# Whirlpool Return Pipe



## thefrothologist (25/6/15)

Hi, I'm trying to build a return pipe out of stainless steel that will allow me to recirculate the wort through a pump to do my whirlpool. I'm running a 90˚ elbow at the top of a 20G Blichmann G2 kettle so will need a decent length of mandrel bent 1/2" SS tubing but am having no luck finding anything for a reasonable price. I've already got the 1/2" compression fitting connected to the elbow.

Can anyone recommend someone who manufactures pieces like this or can supply the tubing? I'm based in Sydney.

This is a similar concept though not so sure I would go for such an acute angle at the bottom.
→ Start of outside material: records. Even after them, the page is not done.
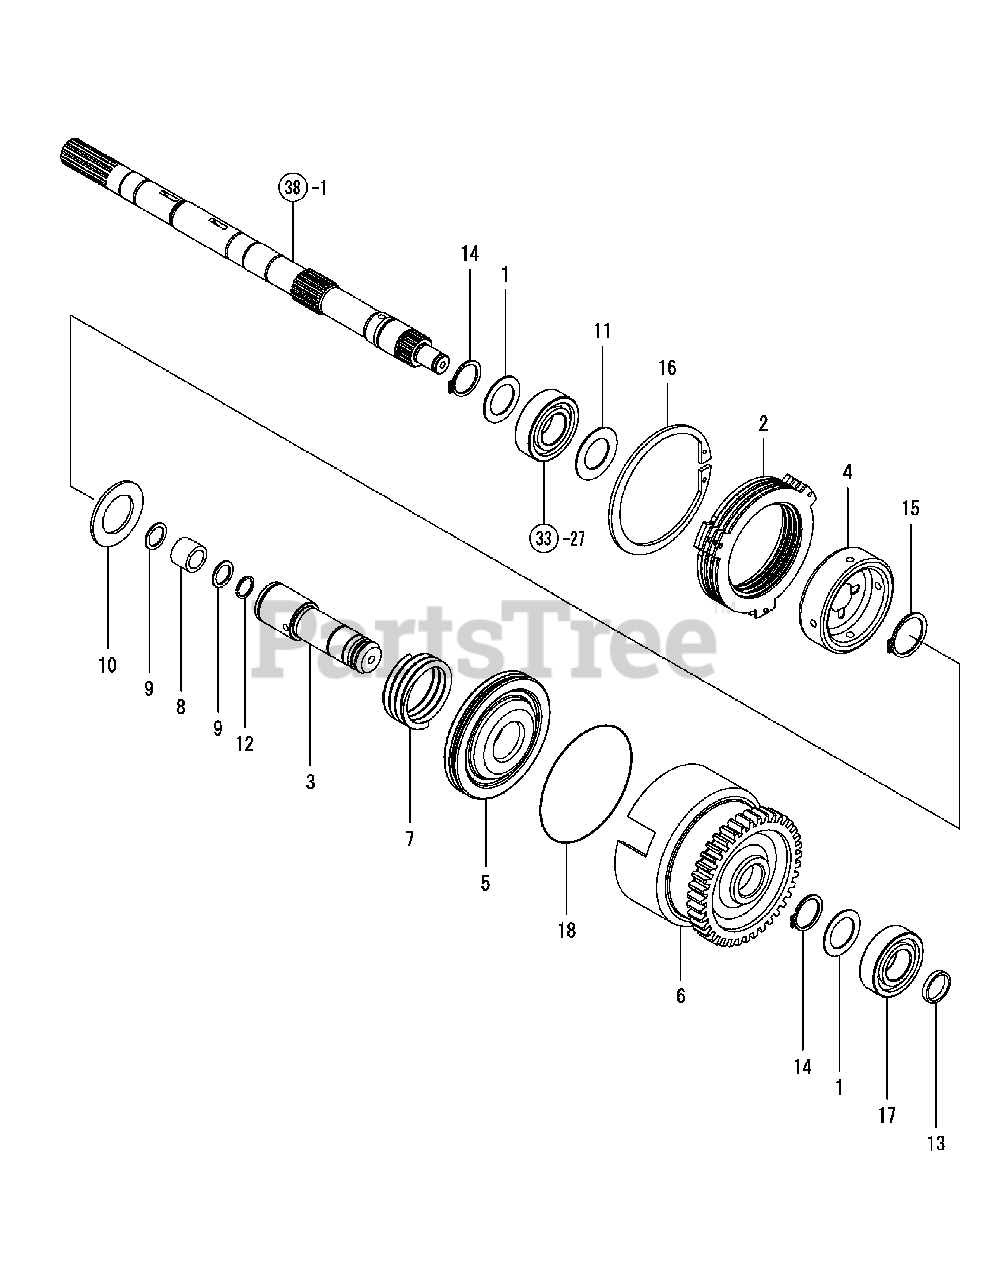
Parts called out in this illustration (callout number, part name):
2	DISC KIT, FRICTION
4	COLLAR, SPLINE
6	GEAR, CLUTCH Z=39
7	SPRING, PTO RETURN
8	NEEDLE, 121718
9	WASHER, 13X17X1
10	WASHER 25X42X2
11	WASHER, 20X34X1
13	RING, SEAL 17203
17	BALL BEARING #6004
18	O-RING 1A G-75.0

Any help would be greatly appreciated.

Thanks,

Daniel


----------



## NewtownClown (25/6/15)

You may want to research the best position for whirlpool returns; from memory, the consensus is bottom third of your smallest batch and at a 30 degree tangent. It doesn't have to be stainless, copper is just as good


----------



## takai (25/6/15)

You can get 1/2" tubing relatively easily from automotive speed shops. They tend to use it for fuel supply pipes. 

Dont bother with mandrel bending though, 5x or 10x radius bends will be just as effective.


----------



## thefrothologist (25/6/15)

yeah, a 30° angle is ideal if coming in from the side though with a drop down pipe I might have to use a bit of guess work for the angle, going off different batch size it's tricky for the height as well, would love to have it adjustable, or have different lengths on hand...
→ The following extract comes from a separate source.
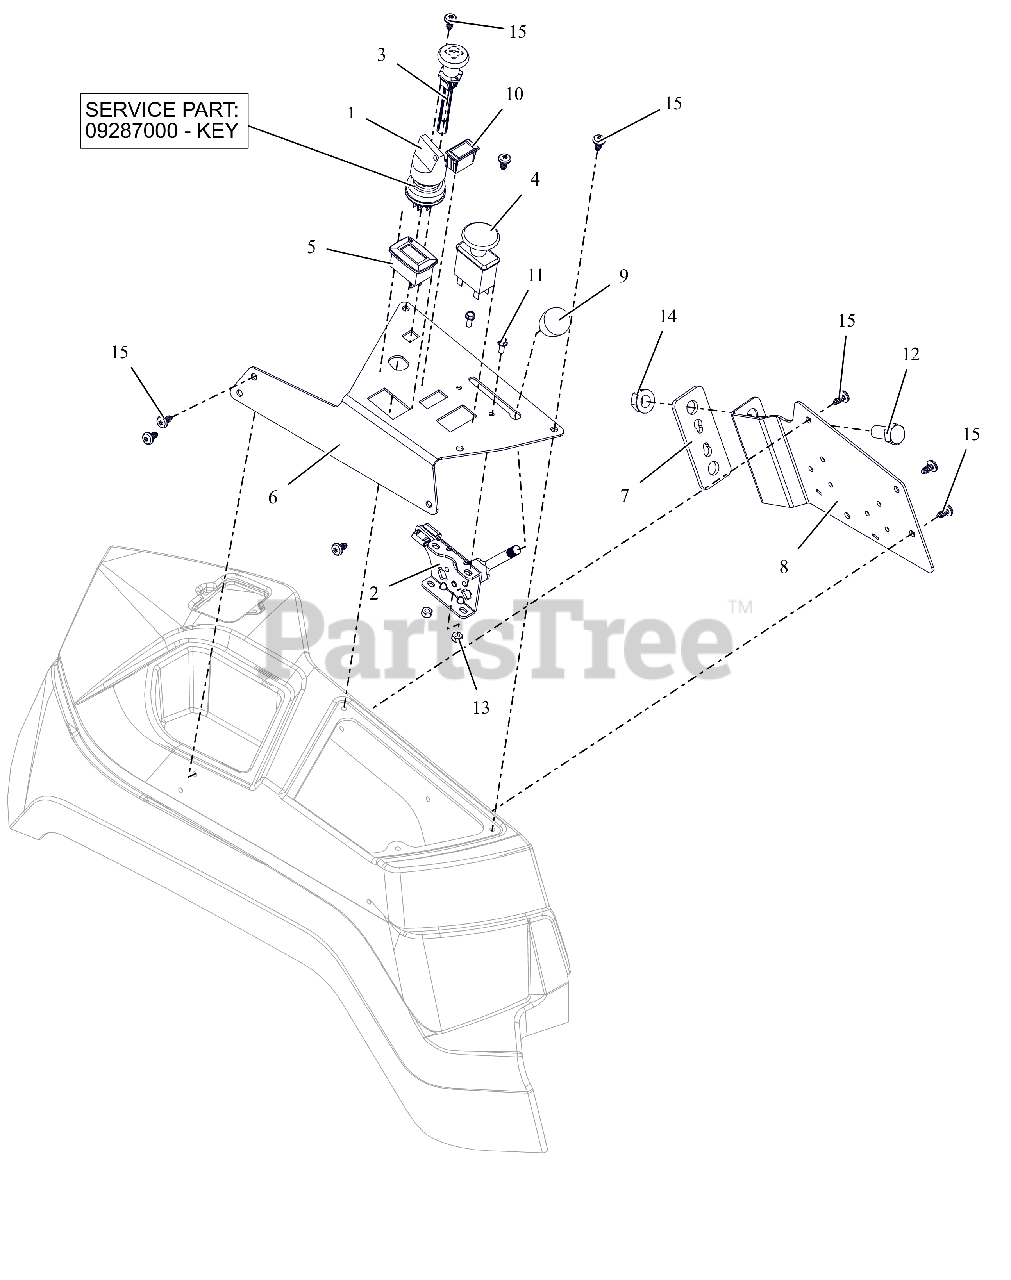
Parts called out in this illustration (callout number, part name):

thanks for the idea of speed shops, will make some calls, got everything in ss already so keen to keep it all consistent...


----------



## MastersBrewery (25/6/15)

I have a half roll of annealed SS tube ( about 5m ) left over from making my CFC and whirl pool thingy will post some pics when I get the chance. I'll be at ISB meeting Wednesday happy to discuss then if your going.

MB



ED: happy to bring in whirlpool thing to ISB if you want to have a closer look too


----------



## thefrothologist (25/6/15)

that could be perfect, had to look up annealed! is that better for bending? I'll be at the ISB meeting so that would be perfect, can chat and organise it then...


----------



## MastersBrewery (25/6/15)

will see you there!


----------



## MastersBrewery (2/7/15)

Lads be sure to do a good cleaning run after install and all should be good. Great to meet you guys. Post some pics when you're all done.


----------



## thefrothologist (2/7/15)

Will do mate. Hopefully will get it done this weekend ready to brew on Sunday. Hope you like smokey beers as that's what will be the first brew to be done with the new attachment! Photos will follow soon.

Thanks again!


----------



## Fat Bastard (2/7/15)

Just a thought, your return looks like it's very low in the vessel and might create a fair bit of turbulence, upsetting the trub cone. I did a fair bit of development work in mine and came to te conclusion that the best spot for it was about 1/3 of the way to the bottom, measured from te post boil wort level. Your's doesn't look like it'll be too hard to modify if you decide it doesn't work where it is, but it's something to bear in mind.


----------



## thefrothologist (2/7/15)

Thanks Fat Bastard! Totally agree. The photo was just one I found on the internet to best describe the idea I wanted to replicate. You're totally right that the inlet should be roughly a 1/3 from the bottom and ideally at a 30˚ tangent to the kettle wall. I'll post photos once mine is up and running as an example if anyone else wants to modify their kettle the same way. Hopefully I can get a photo of the trub pile post transfer to show the effectiveness of it...


----------



## Fat Bastard (2/7/15)

Sorry, my post might have been a bit confusing, I have mine 1/3 of the way from the top. or 2/3 of the way to the bottom from the post boil wort level. High enough to avoid turbulence kicking up more trub from the bottom, low enough to push the wort column around efficiently. Bit hard to tell in the pic below, but the return is the one on the right. I also found a very slight upward angle works better than a horizontal inlet.


----------



## thefrothologist (2/7/15)

Good to know about the upwards angle brig beneficial, I'll take that into account for the first brew...

from what I remember I think having a wider whirlpool tank is better and have the inlet a 1/3 from the bottom is also good, possibly as if you are using a separate tank you would want to minimise splashing at the start of transfer so having it closer to the bottom would work better, possibly very different in the sense of recirculating within the same vessel, perhaps looking at commercial combination kettle/whirlpool tanks might help?


----------



## thefrothologist (2/7/15)

btw, that's a very tidy kettle you have there, what system are you running?


----------



## thefrothologist (28/7/15)

So, thanks MastersBrewery, the pipe works perfectly, I was completely out with my estimation of how tall out kettle was as well! Considering running the whirlpool without the hop blocker as that's the only thing stopping flow now and I have a feeling it's disrupting the whirlpool?


----------



## takai (28/7/15)

I quite like the minimal trub blocker design that SS Brewtech use on their kettles. Not sure how effective it is though, but ill be doing something similar on my new kettle.


----------